Goal of the exercise >> Going line by line through the records below, count those containing the word "column", then give only the count.

Task inputs >>
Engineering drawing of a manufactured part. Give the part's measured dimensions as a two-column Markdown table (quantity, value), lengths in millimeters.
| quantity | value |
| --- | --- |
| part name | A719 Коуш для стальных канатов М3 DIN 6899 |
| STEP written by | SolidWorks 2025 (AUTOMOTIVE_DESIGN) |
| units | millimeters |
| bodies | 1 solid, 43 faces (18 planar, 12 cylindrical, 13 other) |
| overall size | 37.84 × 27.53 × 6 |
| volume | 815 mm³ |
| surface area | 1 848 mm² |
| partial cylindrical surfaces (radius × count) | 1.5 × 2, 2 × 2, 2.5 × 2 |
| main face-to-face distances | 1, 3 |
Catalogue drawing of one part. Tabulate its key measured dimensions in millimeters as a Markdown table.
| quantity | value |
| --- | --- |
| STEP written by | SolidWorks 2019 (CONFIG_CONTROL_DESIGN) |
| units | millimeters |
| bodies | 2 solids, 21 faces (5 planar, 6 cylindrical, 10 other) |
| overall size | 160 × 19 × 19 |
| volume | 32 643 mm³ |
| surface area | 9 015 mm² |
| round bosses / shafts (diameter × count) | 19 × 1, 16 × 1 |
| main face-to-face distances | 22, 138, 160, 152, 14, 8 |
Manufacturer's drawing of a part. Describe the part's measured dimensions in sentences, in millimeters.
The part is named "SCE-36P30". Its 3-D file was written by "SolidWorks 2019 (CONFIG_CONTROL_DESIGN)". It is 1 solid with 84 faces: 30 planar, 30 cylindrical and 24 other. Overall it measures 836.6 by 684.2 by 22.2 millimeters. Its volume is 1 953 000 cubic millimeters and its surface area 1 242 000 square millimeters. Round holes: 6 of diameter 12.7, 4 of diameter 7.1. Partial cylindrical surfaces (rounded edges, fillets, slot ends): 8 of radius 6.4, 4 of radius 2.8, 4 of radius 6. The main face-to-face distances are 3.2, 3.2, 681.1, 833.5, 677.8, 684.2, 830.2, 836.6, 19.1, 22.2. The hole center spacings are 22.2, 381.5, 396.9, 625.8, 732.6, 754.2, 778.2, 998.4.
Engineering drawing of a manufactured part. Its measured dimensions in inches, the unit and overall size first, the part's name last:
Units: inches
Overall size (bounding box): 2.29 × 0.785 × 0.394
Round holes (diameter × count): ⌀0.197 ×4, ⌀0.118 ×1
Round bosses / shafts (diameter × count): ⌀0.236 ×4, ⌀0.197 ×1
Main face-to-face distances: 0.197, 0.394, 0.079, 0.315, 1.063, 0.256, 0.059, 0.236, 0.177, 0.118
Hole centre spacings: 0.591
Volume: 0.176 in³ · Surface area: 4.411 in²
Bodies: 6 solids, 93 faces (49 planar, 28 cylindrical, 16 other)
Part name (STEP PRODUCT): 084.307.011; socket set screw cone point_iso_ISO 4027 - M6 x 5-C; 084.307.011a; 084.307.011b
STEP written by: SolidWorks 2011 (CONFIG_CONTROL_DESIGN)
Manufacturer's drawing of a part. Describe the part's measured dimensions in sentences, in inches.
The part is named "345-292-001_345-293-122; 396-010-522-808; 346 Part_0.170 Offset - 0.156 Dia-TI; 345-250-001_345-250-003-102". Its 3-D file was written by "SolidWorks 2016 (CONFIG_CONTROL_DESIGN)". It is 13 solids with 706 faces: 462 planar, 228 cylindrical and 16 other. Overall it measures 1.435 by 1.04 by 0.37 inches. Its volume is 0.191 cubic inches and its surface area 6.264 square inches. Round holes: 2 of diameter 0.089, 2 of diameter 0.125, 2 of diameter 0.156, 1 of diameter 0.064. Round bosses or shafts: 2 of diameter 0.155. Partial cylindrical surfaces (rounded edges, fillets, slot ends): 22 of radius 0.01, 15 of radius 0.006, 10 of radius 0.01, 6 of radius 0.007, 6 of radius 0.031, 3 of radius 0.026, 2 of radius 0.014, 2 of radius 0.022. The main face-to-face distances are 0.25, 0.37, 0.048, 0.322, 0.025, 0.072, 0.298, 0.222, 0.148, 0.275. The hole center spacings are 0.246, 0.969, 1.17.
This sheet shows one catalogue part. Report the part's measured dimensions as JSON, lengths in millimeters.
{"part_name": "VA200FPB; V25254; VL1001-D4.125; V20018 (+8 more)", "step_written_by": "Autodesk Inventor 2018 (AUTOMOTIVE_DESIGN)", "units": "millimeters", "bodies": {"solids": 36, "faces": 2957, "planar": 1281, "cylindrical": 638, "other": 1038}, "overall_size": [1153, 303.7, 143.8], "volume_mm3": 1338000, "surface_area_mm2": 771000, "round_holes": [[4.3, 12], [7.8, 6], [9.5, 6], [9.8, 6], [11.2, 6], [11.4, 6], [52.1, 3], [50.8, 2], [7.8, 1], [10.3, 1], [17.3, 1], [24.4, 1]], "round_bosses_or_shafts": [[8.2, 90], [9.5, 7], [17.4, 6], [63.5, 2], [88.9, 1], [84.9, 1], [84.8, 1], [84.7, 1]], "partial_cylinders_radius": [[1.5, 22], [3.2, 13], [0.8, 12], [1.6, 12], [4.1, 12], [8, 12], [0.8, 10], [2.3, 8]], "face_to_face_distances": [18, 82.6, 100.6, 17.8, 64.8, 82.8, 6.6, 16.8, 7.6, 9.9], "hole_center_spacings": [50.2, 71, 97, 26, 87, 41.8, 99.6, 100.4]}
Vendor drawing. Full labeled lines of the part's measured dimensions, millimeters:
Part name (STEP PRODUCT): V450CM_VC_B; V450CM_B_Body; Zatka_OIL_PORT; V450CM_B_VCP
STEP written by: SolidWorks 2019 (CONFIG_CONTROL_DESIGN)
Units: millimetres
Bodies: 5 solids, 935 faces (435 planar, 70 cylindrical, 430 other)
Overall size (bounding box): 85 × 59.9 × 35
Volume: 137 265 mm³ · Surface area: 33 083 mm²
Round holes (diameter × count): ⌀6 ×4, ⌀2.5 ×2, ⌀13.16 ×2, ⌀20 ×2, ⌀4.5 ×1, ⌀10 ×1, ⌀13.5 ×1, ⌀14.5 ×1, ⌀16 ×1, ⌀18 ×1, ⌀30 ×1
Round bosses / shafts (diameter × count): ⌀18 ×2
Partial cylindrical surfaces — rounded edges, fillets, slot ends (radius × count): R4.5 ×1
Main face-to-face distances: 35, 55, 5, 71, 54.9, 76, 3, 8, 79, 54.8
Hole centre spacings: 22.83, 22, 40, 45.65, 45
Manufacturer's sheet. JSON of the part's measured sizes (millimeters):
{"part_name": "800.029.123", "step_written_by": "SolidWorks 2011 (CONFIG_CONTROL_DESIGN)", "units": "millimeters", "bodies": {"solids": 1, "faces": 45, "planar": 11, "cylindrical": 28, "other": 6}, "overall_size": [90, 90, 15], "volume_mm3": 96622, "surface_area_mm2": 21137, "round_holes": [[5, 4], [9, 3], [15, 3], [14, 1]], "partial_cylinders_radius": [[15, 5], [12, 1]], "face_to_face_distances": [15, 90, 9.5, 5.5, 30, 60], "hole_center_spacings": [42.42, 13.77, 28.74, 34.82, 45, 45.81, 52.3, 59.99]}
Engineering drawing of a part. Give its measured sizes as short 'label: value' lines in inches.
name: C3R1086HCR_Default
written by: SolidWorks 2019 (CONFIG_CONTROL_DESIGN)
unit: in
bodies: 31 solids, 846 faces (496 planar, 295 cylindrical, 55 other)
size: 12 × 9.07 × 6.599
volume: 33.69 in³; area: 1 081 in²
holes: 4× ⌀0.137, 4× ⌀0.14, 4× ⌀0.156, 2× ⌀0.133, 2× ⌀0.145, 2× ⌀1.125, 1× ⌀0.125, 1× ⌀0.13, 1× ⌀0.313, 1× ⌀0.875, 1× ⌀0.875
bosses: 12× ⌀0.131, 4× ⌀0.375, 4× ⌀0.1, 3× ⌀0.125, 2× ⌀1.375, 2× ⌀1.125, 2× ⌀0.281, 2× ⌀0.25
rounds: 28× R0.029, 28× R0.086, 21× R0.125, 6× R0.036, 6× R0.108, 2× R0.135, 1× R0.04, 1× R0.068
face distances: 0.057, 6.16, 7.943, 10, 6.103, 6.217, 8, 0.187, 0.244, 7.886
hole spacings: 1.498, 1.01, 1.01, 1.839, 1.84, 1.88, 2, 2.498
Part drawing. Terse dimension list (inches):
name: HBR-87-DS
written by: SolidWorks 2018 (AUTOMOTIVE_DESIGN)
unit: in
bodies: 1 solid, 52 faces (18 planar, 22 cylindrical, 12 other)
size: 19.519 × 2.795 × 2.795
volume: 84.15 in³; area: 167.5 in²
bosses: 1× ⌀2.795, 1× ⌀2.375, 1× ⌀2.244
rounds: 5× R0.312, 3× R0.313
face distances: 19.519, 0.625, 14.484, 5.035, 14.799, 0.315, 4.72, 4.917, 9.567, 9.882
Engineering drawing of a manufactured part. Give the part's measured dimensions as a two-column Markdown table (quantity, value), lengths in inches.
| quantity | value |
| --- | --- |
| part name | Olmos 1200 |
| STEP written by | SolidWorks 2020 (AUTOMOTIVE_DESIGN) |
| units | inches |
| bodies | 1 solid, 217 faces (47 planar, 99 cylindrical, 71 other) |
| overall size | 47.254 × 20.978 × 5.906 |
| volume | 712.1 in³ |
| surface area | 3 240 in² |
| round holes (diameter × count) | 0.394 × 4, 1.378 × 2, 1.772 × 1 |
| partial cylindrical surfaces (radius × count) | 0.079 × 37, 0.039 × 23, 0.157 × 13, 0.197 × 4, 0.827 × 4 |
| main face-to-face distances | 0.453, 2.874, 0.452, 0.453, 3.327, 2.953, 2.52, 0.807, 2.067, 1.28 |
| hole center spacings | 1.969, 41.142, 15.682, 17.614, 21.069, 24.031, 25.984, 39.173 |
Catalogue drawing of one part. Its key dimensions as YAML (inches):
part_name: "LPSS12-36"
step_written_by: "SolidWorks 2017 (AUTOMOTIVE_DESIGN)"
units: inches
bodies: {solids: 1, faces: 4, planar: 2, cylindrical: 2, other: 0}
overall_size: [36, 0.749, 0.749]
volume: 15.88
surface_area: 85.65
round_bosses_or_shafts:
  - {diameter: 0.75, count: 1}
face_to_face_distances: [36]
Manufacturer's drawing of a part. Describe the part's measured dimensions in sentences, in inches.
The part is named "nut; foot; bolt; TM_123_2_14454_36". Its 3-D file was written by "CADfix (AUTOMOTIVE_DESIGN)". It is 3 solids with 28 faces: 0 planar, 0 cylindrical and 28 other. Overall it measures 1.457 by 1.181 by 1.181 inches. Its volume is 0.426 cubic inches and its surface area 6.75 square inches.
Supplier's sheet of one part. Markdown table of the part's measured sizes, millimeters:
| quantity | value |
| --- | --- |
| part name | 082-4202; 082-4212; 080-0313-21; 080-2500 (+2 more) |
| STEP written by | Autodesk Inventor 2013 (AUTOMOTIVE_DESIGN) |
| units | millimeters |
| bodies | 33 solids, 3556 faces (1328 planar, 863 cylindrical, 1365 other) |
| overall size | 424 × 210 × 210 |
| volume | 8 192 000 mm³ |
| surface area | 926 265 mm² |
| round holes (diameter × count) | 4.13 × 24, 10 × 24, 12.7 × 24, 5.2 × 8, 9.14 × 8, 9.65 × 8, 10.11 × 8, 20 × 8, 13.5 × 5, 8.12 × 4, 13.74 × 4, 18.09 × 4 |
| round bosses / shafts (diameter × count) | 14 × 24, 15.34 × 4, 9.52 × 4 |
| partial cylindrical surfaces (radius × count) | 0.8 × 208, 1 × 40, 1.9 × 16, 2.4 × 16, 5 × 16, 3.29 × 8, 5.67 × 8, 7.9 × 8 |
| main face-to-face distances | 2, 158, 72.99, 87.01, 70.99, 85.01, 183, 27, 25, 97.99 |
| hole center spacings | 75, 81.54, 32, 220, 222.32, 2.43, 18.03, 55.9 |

Result of the task >> 2